Dataset records:
☆ ☆ ☆ ☆ ☆ ☆ ☆
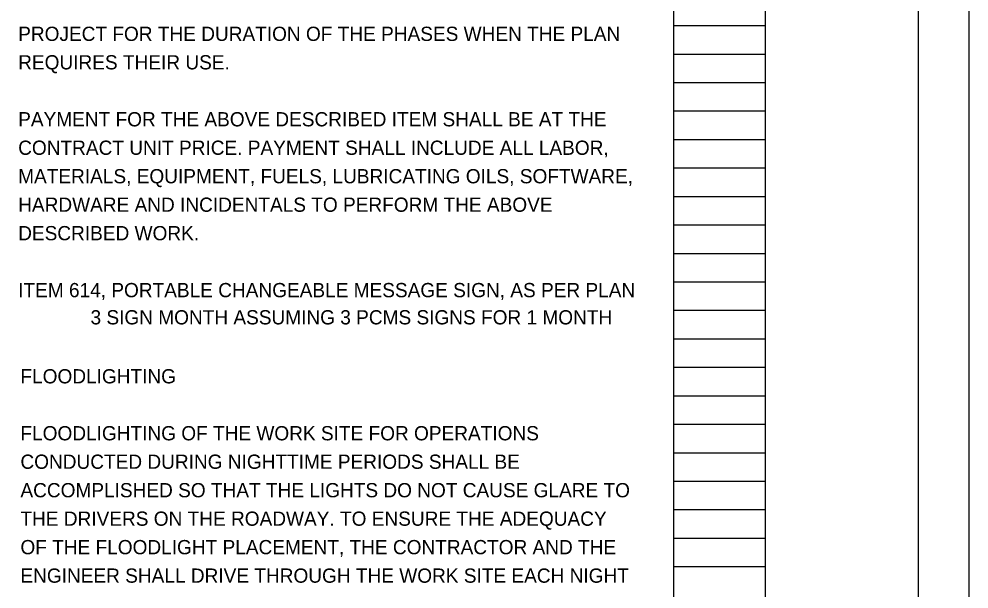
# Model space of a CAD drawing. Extents: x 0 to 34, y 0 to 22.
# Drawn here: x 24.66 to 34, y 5.52 to 11.12 of the extents above; entities that cross this region are included whole.
import ezdxf

# ---------------------------------------------------------------- set-up
doc = ezdxf.new("R2010")
doc.units = 0
for name, color, linetype in [('SH_Border', 7, 'Continuous'), ('SH_Cut_Line', 7, 'Continuous'), ('SH_Data', 7, 'Continuous'), ('SH_Text', 7, 'Continuous')]:
    doc.layers.add(name, color=color, linetype=linetype)

msp = doc.modelspace()

# ---------------------------------------------------------------- linework, layer by layer
at = {"layer": 'SH_Border'}
msp.add_line((32, 0.5), (32, 21.5), dxfattribs=at)
msp.add_lwpolyline([(1.5, 21.5), (33.5, 21.5), (33.5, 0.5), (1.5, 0.5)], close=True, dxfattribs=at)
at = {"layer": 'SH_Cut_Line'}
msp.add_lwpolyline([(0, 0), (34, 0), (34, 22), (0, 22)], close=True, dxfattribs=at)
at = {"layer": 'SH_Data'}
for p, q in [((31.1, 0.98), (31.1, 21.14)), ((32, 0.98), (32, 21.14)), ((31.1, 11.06), (32, 11.06)), ((31.1, 10.78), (32, 10.78)), ((31.1, 10.5), (32, 10.5)), ((31.1, 10.22), (32, 10.22)), ((31.1, 9.94), (32, 9.94)), ((31.1, 9.66), (32, 9.66)), ((31.1, 9.38), (32, 9.38)), ((31.1, 9.1), (32, 9.1)), ((31.1, 8.82), (32, 8.82)), ((31.1, 8.54), (32, 8.54)), ((31.1, 8.26), (32, 8.26)), ((31.1, 7.98), (32, 7.98)), ((31.1, 7.7), (32, 7.7)), ((31.1, 7.42), (32, 7.42)), ((31.1, 7.14), (32, 7.14)), ((31.1, 6.86), (32, 6.86)), ((31.1, 6.58), (32, 6.58)), ((31.1, 6.3), (32, 6.3)), ((31.1, 6.02), (32, 6.02)), ((31.1, 5.74), (32, 5.74))]:
    msp.add_line(p, q, dxfattribs=at)

# ---------------------------------------------------------------- texts
at = {"layer": 'SH_Text'}
for s, p in [('PROJECT FOR THE DURATION OF THE PHASES WHEN THE PLAN', (24.6533, 10.9086)), ('REQUIRES THEIR USE.', (24.6533, 10.6286)), ('PAYMENT FOR THE ABOVE DESCRIBED ITEM SHALL BE AT THE', (24.6533, 10.0686)), ('CONTRACT UNIT PRICE. PAYMENT SHALL INCLUDE ALL LABOR,', (24.6533, 9.7886)), ('MATERIALS, EQUIPMENT, FUELS, LUBRICATING OILS, SOFTWARE,', (24.6533, 9.5086)), ('HARDWARE AND INCIDENTALS TO PERFORM THE ABOVE', (24.6533, 9.2286)), ('DESCRIBED WORK.', (24.6533, 8.9486)), ('ITEM 614, PORTABLE CHANGEABLE MESSAGE SIGN, AS PER PLAN', (24.6533, 8.3886)), ('           3 SIGN MONTH ASSUMING 3 PCMS SIGNS FOR 1 MONTH', (24.7925, 8.1212)), ('FLOODLIGHTING', (24.6755, 7.5414)), ('FLOODLIGHTING OF THE WORK SITE FOR OPERATIONS', (24.6755, 6.9814)), ('CONDUCTED DURING NIGHTTIME PERIODS SHALL BE', (24.6755, 6.7014)), ('ACCOMPLISHED SO THAT THE LIGHTS DO NOT CAUSE GLARE TO', (24.6755, 6.4214)), ('THE DRIVERS ON THE ROADWAY. TO ENSURE THE ADEQUACY', (24.6755, 6.1414)), ('OF THE FLOODLIGHT PLACEMENT, THE CONTRACTOR AND THE', (24.6755, 5.8614)), ('ENGINEER SHALL DRIVE THROUGH THE WORK SITE EACH NIGHT', (24.6755, 5.5814))]:
    msp.add_text(s, height=0.14, dxfattribs=at).set_placement(p)

doc.saveas('drawing.dxf')
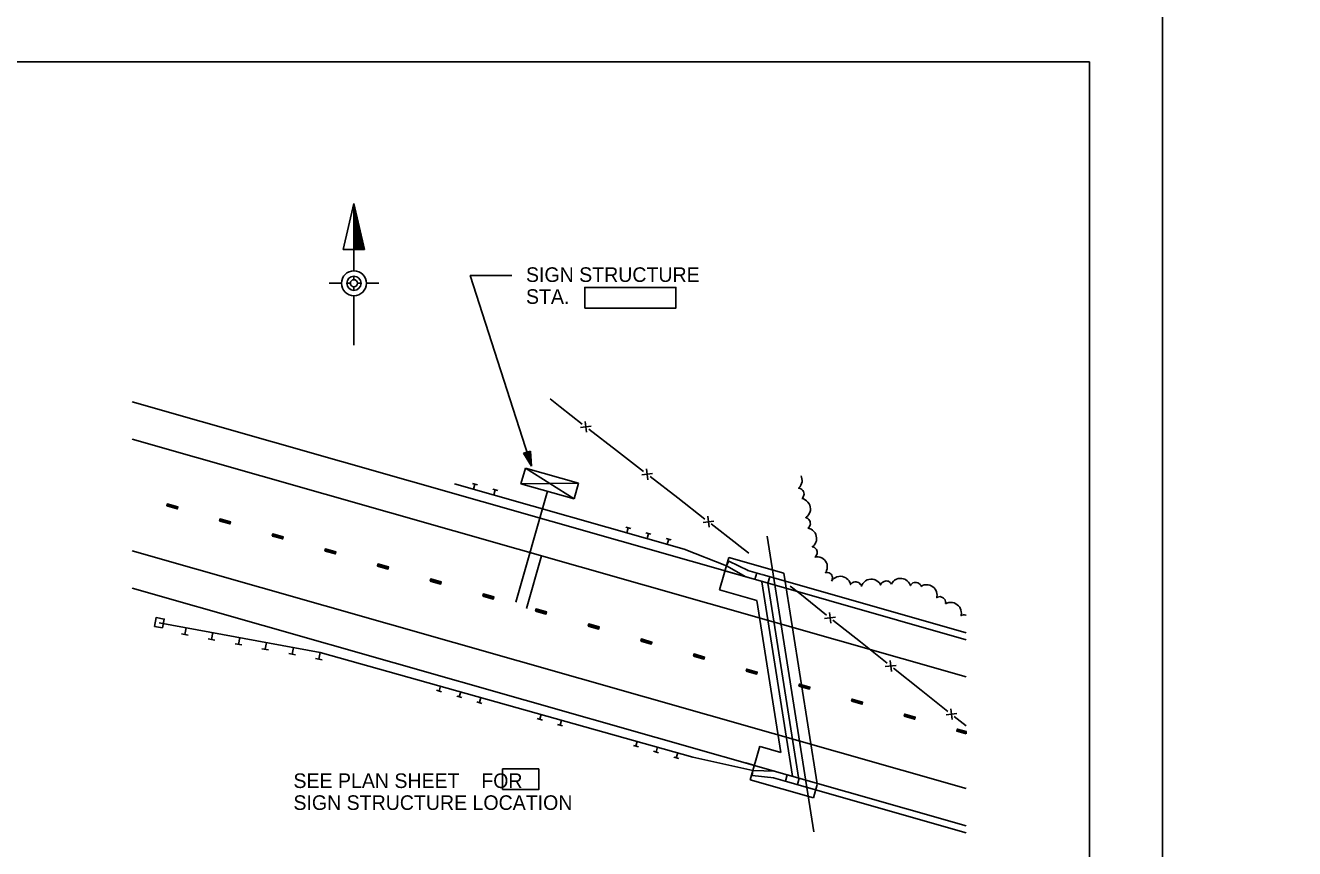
# Model space of a CAD drawing. Extents: x 640117 to 642655, y 297247 to 298435.
# Drawn here: x 640724.9 to 640985.6, y 297665 to 297834 of the extents above; entities that cross this region are included whole.
import ezdxf

# ---------------------------------------------------------------- set-up
doc = ezdxf.new("R2010")
doc.units = 0
for name, color, linetype in [('10', 7, 'Continuous'), ('2', 7, 'Continuous'), ('20', 7, 'Continuous'), ('21', 7, 'Continuous'), ('26', 7, 'Continuous'), ('27', 7, 'Continuous'), ('43', 7, 'Continuous'), ('48', 7, 'Continuous'), ('50', 7, 'Continuous'), ('51', 7, 'Continuous'), ('52', 7, 'Continuous'), ('53', 7, 'Continuous'), ('PLT-BNDY', 7, 'Continuous')]:
    doc.layers.add(name, color=color, linetype=linetype)

msp = doc.modelspace()

# ---------------------------------------------------------------- linework, layer by layer
at = {"layer": '10'}
msp.add_lwpolyline([(640828.84, 297743.48), (640816.31, 297782.59), (640824.86, 297782.59)], dxfattribs=at)
at = {"layer": '2'}
for p, q in [((640157.46, 297826.46), (640943.46, 297826.46)), ((640943.46, 297826.46), (640943.46, 297262.46))]:
    msp.add_line(p, q, dxfattribs=at)
for points in [[(640839.82, 297775.92), (640858.53, 297775.92), (640858.53, 297780.17), (640839.82, 297780.17)], [(640822.93, 297677.07), (640830.35, 297677.07), (640830.35, 297681.32), (640822.93, 297681.32)]]:
    msp.add_lwpolyline(points, close=True, dxfattribs=at)
at = {"layer": '20'}
for points in [[(640884.22, 297741.47), (640884.32, 297741.23), (640884.4, 297740.87), (640884.44, 297740.52), (640884.42, 297740.27), (640884.34, 297739.93), (640884.2, 297739.58), (640884.02, 297739.3), (640883.84, 297739.08), (640883.7, 297738.94), (640883.89, 297738.93), (640884.15, 297738.82), (640884.4, 297738.66), (640884.58, 297738.45), (640884.7, 297738.24), (640884.78, 297738.01), (640884.84, 297737.75), (640884.82, 297737.55), (640884.69, 297737.18), (640884.6, 297736.99), (640884.42, 297736.82)], [(640884.41, 297736.82), (640884.72, 297736.74), (640885.08, 297736.58), (640885.35, 297736.38), (640885.65, 297736.09), (640885.87, 297735.77), (640886.02, 297735.46), (640886.1, 297735.09), (640886.14, 297734.73), (640886.13, 297734.38), (640886.07, 297734.14), (640885.95, 297733.81), (640885.76, 297733.49), (640885.55, 297733.23), (640885.34, 297733.04), (640885.18, 297732.93), (640885.37, 297732.88), (640885.62, 297732.74), (640885.83, 297732.55), (640885.99, 297732.32), (640886.08, 297732.1), (640886.12, 297731.85), (640886.14, 297731.59), (640886.11, 297731.4), (640885.93, 297731.05), (640885.8, 297730.87), (640885.61, 297730.73)], [(640885.61, 297730.73), (640885.92, 297730.67), (640886.28, 297730.53), (640886.56, 297730.35), (640886.86, 297730.07), (640887.11, 297729.77), (640887.26, 297729.47), (640887.36, 297729.11), (640887.41, 297728.76), (640887.42, 297728.41), (640887.37, 297728.17), (640887.26, 297727.84), (640887.09, 297727.52), (640886.89, 297727.25), (640886.68, 297727.05), (640886.53, 297726.93), (640886.72, 297726.89), (640886.97, 297726.77), (640887.2, 297726.59), (640887.37, 297726.37), (640887.47, 297726.16), (640887.52, 297725.93), (640887.56, 297725.66), (640887.52, 297725.47), (640887.36, 297725.12), (640887.24, 297724.94), (640887.06, 297724.79)], [(640887.06, 297724.79), (640887.36, 297724.85), (640887.75, 297724.85), (640888.08, 297724.78), (640888.46, 297724.64), (640888.79, 297724.45), (640889.04, 297724.23), (640889.26, 297723.94), (640889.43, 297723.64), (640889.56, 297723.32), (640889.6, 297723.07), (640889.61, 297722.74), (640889.56, 297722.37), (640889.46, 297722.06), (640889.35, 297721.8), (640889.24, 297721.64), (640889.43, 297721.67), (640889.71, 297721.65), (640889.99, 297721.57), (640890.22, 297721.42), (640890.38, 297721.27), (640890.52, 297721.08), (640890.63, 297720.84), (640890.68, 297720.66), (640890.64, 297720.27), (640890.6, 297720.07), (640890.47, 297719.86)], [(640890.47, 297719.86), (640890.65, 297720.12), (640890.93, 297720.39), (640891.22, 297720.58), (640891.6, 297720.74), (640891.99, 297720.84), (640892.33, 297720.86), (640892.71, 297720.81), (640893.06, 297720.71), (640893.39, 297720.58), (640893.59, 297720.43), (640893.85, 297720.21), (640894.09, 297719.91), (640894.25, 297719.62), (640894.36, 297719.36), (640894.4, 297719.16), (640894.52, 297719.32), (640894.73, 297719.5), (640894.99, 297719.65), (640895.27, 297719.71), (640895.51, 297719.71), (640895.75, 297719.66), (640896, 297719.59), (640896.16, 297719.49), (640896.43, 297719.19), (640896.55, 297719.01), (640896.62, 297718.78)], [(640896.62, 297718.78), (640896.73, 297719.07), (640896.93, 297719.4), (640897.16, 297719.65), (640897.48, 297719.91), (640897.82, 297720.11), (640898.15, 297720.21), (640898.52, 297720.25), (640898.88, 297720.25), (640899.23, 297720.2), (640899.47, 297720.11), (640899.77, 297719.95), (640900.07, 297719.72), (640900.3, 297719.49), (640900.46, 297719.25), (640900.56, 297719.08), (640900.63, 297719.26), (640900.79, 297719.49), (640901.01, 297719.69), (640901.26, 297719.82), (640901.49, 297719.88), (640901.73, 297719.9), (640901.99, 297719.89), (640902.17, 297719.83), (640902.51, 297719.61), (640902.67, 297719.47), (640902.78, 297719.25)], [(640902.78, 297719.25), (640902.94, 297719.53), (640903.18, 297719.83), (640903.44, 297720.04), (640903.8, 297720.24), (640904.16, 297720.38), (640904.49, 297720.43), (640904.86, 297720.42), (640905.21, 297720.36), (640905.55, 297720.27), (640905.77, 297720.14), (640906.04, 297719.94), (640906.3, 297719.67), (640906.49, 297719.4), (640906.61, 297719.14), (640906.68, 297718.96), (640906.78, 297719.13), (640906.96, 297719.34), (640907.21, 297719.5), (640907.47, 297719.59), (640907.7, 297719.62), (640907.94, 297719.59), (640908.2, 297719.55), (640908.37, 297719.46), (640908.66, 297719.19), (640908.79, 297719.03), (640908.87, 297718.8)], [(640908.87, 297718.8), (640909.15, 297718.95), (640909.52, 297719.08), (640909.85, 297719.12), (640910.26, 297719.11), (640910.65, 297719.03), (640910.97, 297718.91), (640911.28, 297718.7), (640911.55, 297718.46), (640911.78, 297718.2), (640911.91, 297717.98), (640912.03, 297717.67), (640912.12, 297717.3), (640912.14, 297716.97), (640912.12, 297716.69), (640912.08, 297716.49), (640912.25, 297716.59), (640912.52, 297716.66), (640912.81, 297716.68), (640913.09, 297716.61), (640913.3, 297716.52), (640913.5, 297716.38), (640913.69, 297716.19), (640913.8, 297716.02), (640913.9, 297715.64), (640913.93, 297715.44), (640913.89, 297715.2)], [(640913.89, 297715.2), (640914.16, 297715.34), (640914.54, 297715.46), (640914.88, 297715.49), (640915.29, 297715.47), (640915.68, 297715.38), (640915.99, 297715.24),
☆ ☆ ☆ ☆ ☆ ☆ ☆
What the task asks: Show every line from the listing above in which the string "this" appears.

Reply to the exercise:
# Drawn here: x 24.66 to 34, y 5.52 to 11.12 of the extents above; entities that cross this region are included whole.
# Drawn here: x 640724.9 to 640985.6, y 297665 to 297834 of the extents above; entities that cross this region are included whole.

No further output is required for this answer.